====== LISTED RECORDS ======
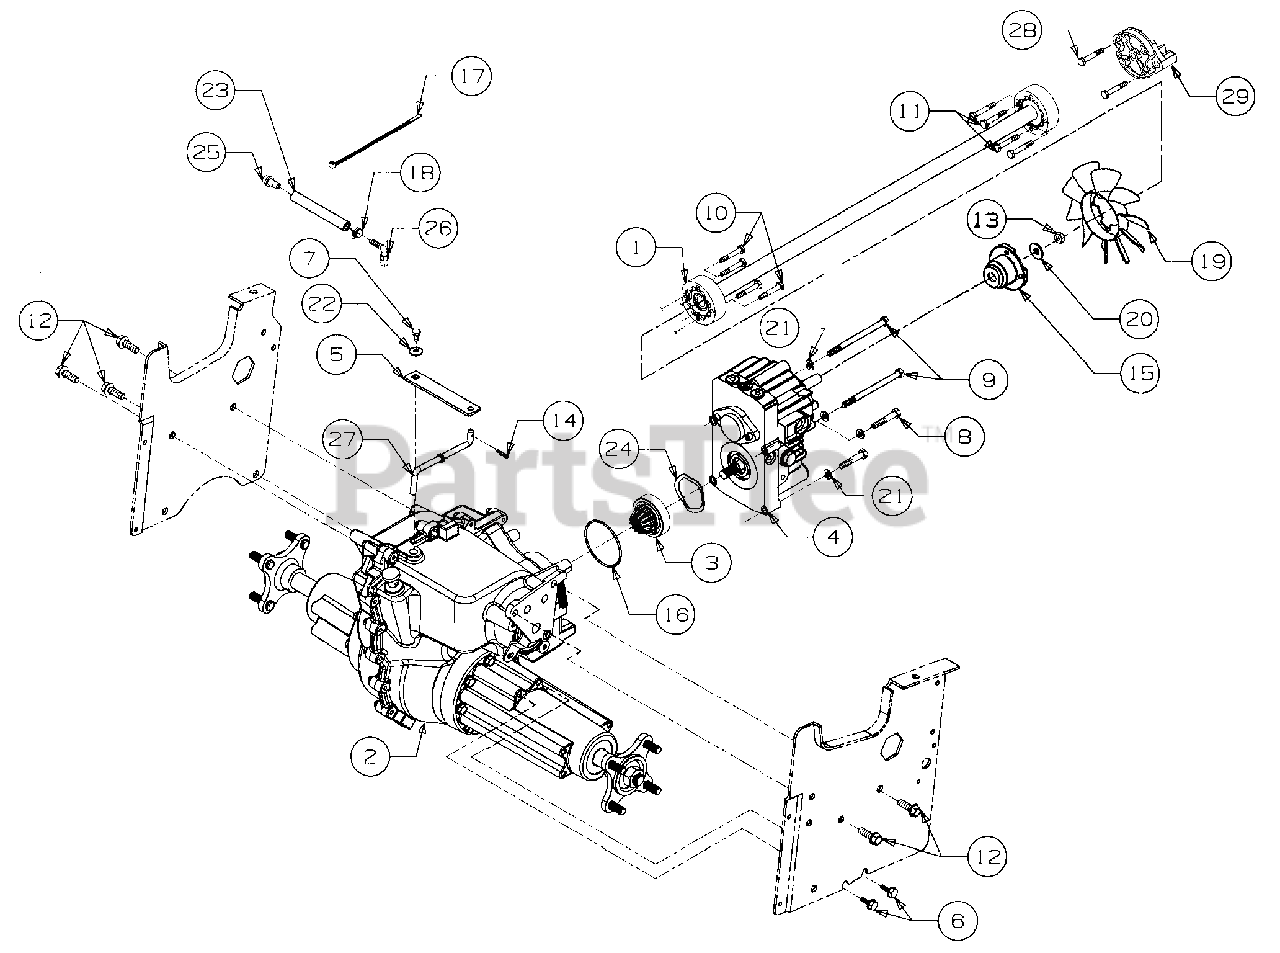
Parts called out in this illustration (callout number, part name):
1	Shaft Assembly, Drive, 27.87 Lg
2	Transmission Assembly, Hydro
3	Pinion Assembly, Input
4	Pump, Hydrostatic
5	Arm, Hydro Dump
6	Screw, Hex Wsh Tap, 5/16-18 x .75
7	Screw, Hex Wsh Tap, 1/4-20 x .75
8	Screw, Hex Cap, 5/16-18 x 1.75 GR5
9	Screw, Hex Cap, 5/16-18 x 4.5 GR5
10	Screw, Hex Patch, 1/4-20 x 1.25 GR5
11	Screw, Hex Patch, 1/4-20 x 1.62 GR5
12	Screw, Hex Wsh Tap, 3/8-16 x 1.25
13	Nut, Hex Center Lock Jam, 3/8-24
14	Pin, Internal Cotter, 5/16 Dia x 1.12
15	Adapter, Pump
16	O-Ring, 2.75 x .103
17	Tie, Self-Clinch Cable
18	Clamp, Hose
19	Fan, 10 Blade Cooling
20	Washer, Bell, .380 x .88 x .063
21	Washer, Lock, 5/16
22	Washer, Bell, .265 x .75 x .062
23	Line, Fuel, 7in (10ft Bulk)
24	Washer, Wave, 1.96 x 2.44 x .06
26	Fitting, Elbow
27	Rod, Hydro Disengagement
28	Screw, Hex Patch, M10-1.50x 90mm
29	Adapter, Drive Shaft
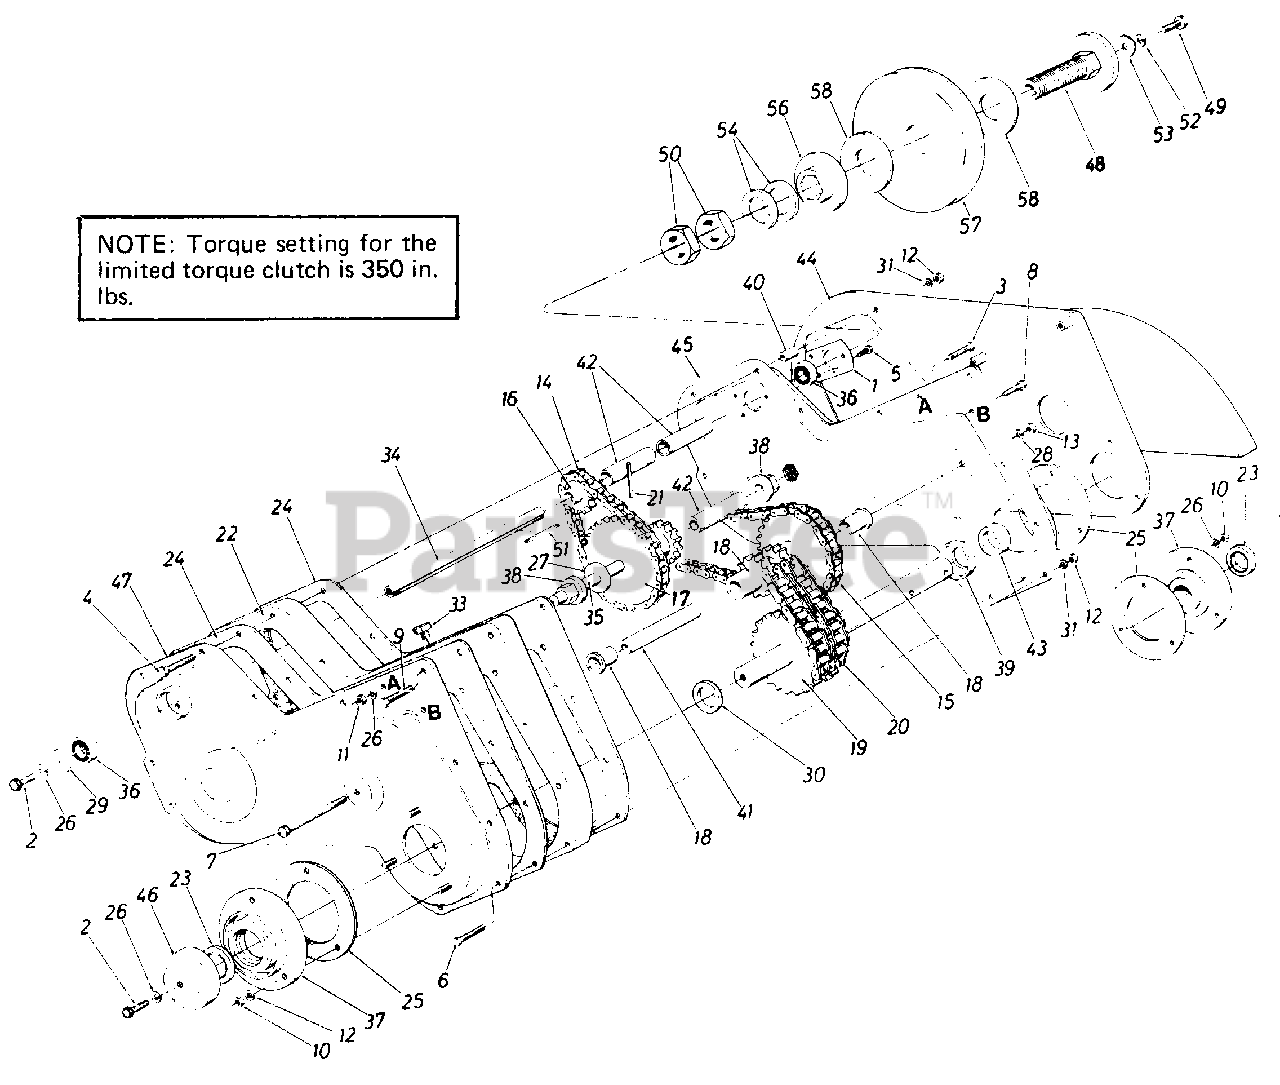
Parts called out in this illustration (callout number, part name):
1	Bearing Housing 1-3/8" Dia.
2	Hex Bolt 5/16-18 x .88" Lg. Spec.
3	Hex Bolt 5/16-18 x 1.50" Lg.
4	Hex Bolt 1/4-20 x 2.75" Lg.'
5	Hex Wash. S-Tap. Scr. 1/4-20 x .50" Lg.
6	Hex Bolt 1/4-20 x 1.50" Lg.
7	Hex Bolt 3/8-16 x 4.5" Lg. 1.5" Lg
8	Hex Wash Hd.Bolt 1/4-20 x 1.5" Lg.
9	Hex Wash. TT-Tap Scr. 5/16-18 x1.75" Lg.
10	Hex Cent. L.-Nut 5/16-18 Thd.
11	Hex Nut5/16-18 Thd.
12	Hex Nut 1/4-20 Thd.
13	Hex Nut 3/8-16 Thd.
14	#41 Chain 1/2" Pitch x 34 Links-Endless
15	#42 Chain 1/2" Pitch x 48 Links-Endless
16	Sprocket 10 Tooth .500" Pitch
17	10 & 28 Teeth Sprocket Ass'y.
18	8-2 & 28 Sprocket Sleeve Ass'y
19	18-2 Sprocket Shaft Ass'y.
20	#50-2 Chain 5/8" Pitch x 28 Links-Endless
21	Spring Pin Spir. 1/4" Dia. x 1.50" Lg.
22	Spacer Block Tiller Housing
23	Oil Seal Double Lip-1-1/4" Dia.
24	Gasket for Tiller Housing
25	Gasket for Brg.-Housing
26	L.-Wash. 5/16" I.D.
27	Fl.-Wash. .640" I.D. x 1.24" O.D.
28	L.-Wash. 3/8" I.D. Heavy Duty
29	Fl.-Wash. .344" I.D. x 1.125"
30	Special Washer
31	L.-Wash. 1/4" I.D.
33	Vent Plug
34	JackShaft .525" I.D. x 7.78" Lg.
35	Sprocket Shaft .63" Dia. x 5.0" Lg.
36	Ball Brg. .62" I.D. x 1.38" O.D.
37	Bearing Housing 1-1/4"
38	Hex Flange Brg.
39	Spacer 1.25" I.D. x 2.0" O.D.
40	Spacer.28" I.D. x .62" O.D. x .90" Lg.
41	Spacer .38" I.D. x .62" O.D. x 3.44" Lg.
42	Spacer.62" I.D. x .88" O.D. x 1.56" Lg.
43	Spacer 1.25" I.D. x 1.62" O.D. x.50" Lg.
46	Dust Cap .320" Dia. Hole
49	Hex Bolt 5/16-18 x 1.25" Lg. Grade 5
50	Hex Jam Nut 1.0-14 x 28 Thd.
51	Sq. Key 3/16 x 1.50" Lg.
52	L.-Wash. 5/16" I.D.
53	Fl.-Wash. .344" I.D. x 1.125" O.D.
54	Spring Bell Wash. 1.0" I.D. x 2.0 O.D.
56	Floating Disc 3-1/4" O.D. x 1.0" I.D.
57	5/8 V-PulleY 1.50" I.D. x 6.50"
58	Friction Pad 3-1/4" O.D. x 1-3/8" I.D.
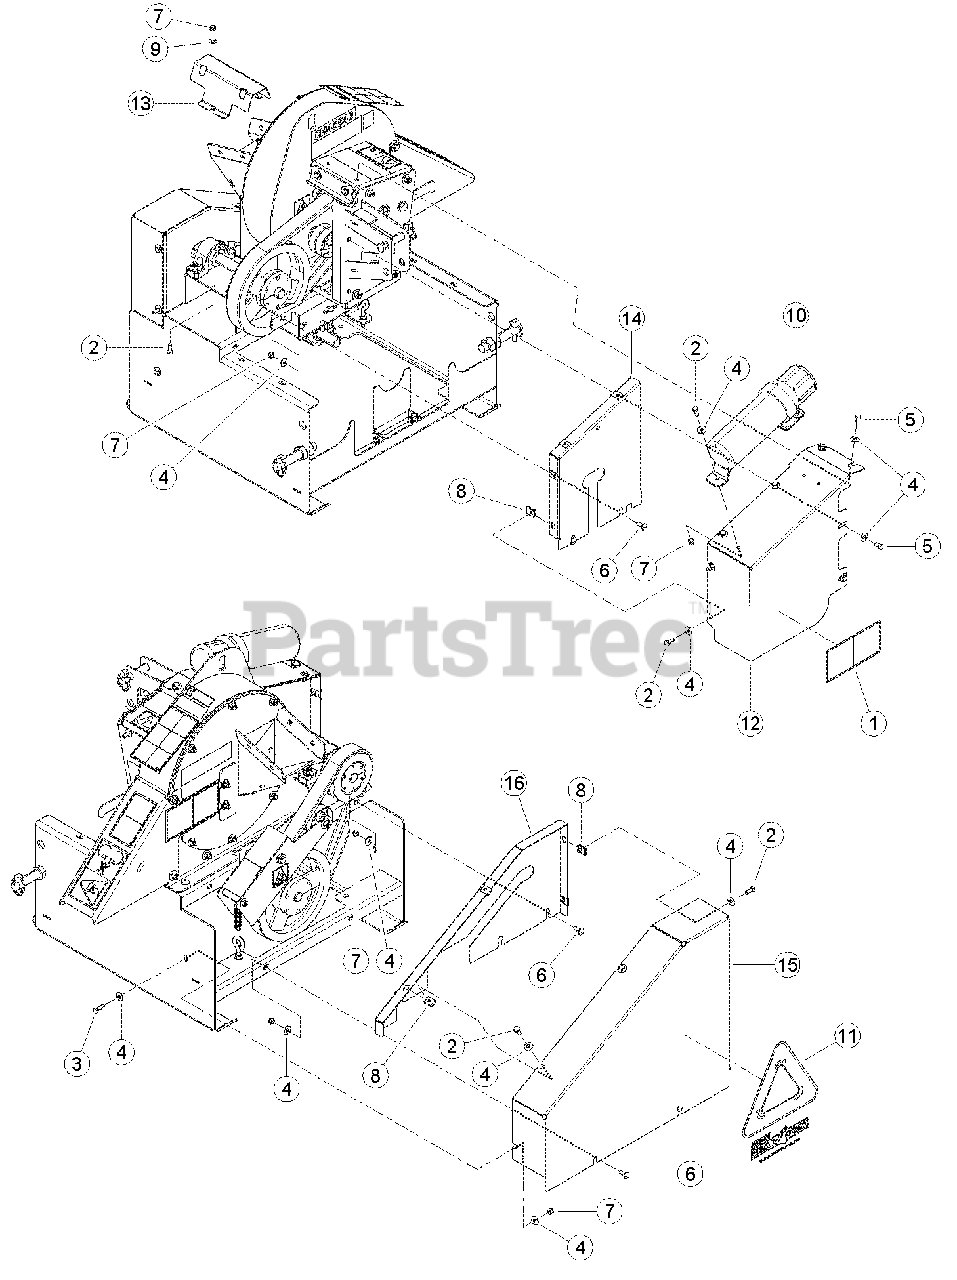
======
If a line in the listing holds the word "Sprocket", list that line.

16	Sprocket 10 Tooth .500" Pitch
17	10 & 28 Teeth Sprocket Ass'y.
18	8-2 & 28 Sprocket Sleeve Ass'y
19	18-2 Sprocket Shaft Ass'y.
35	Sprocket Shaft .63" Dia. x 5.0" Lg.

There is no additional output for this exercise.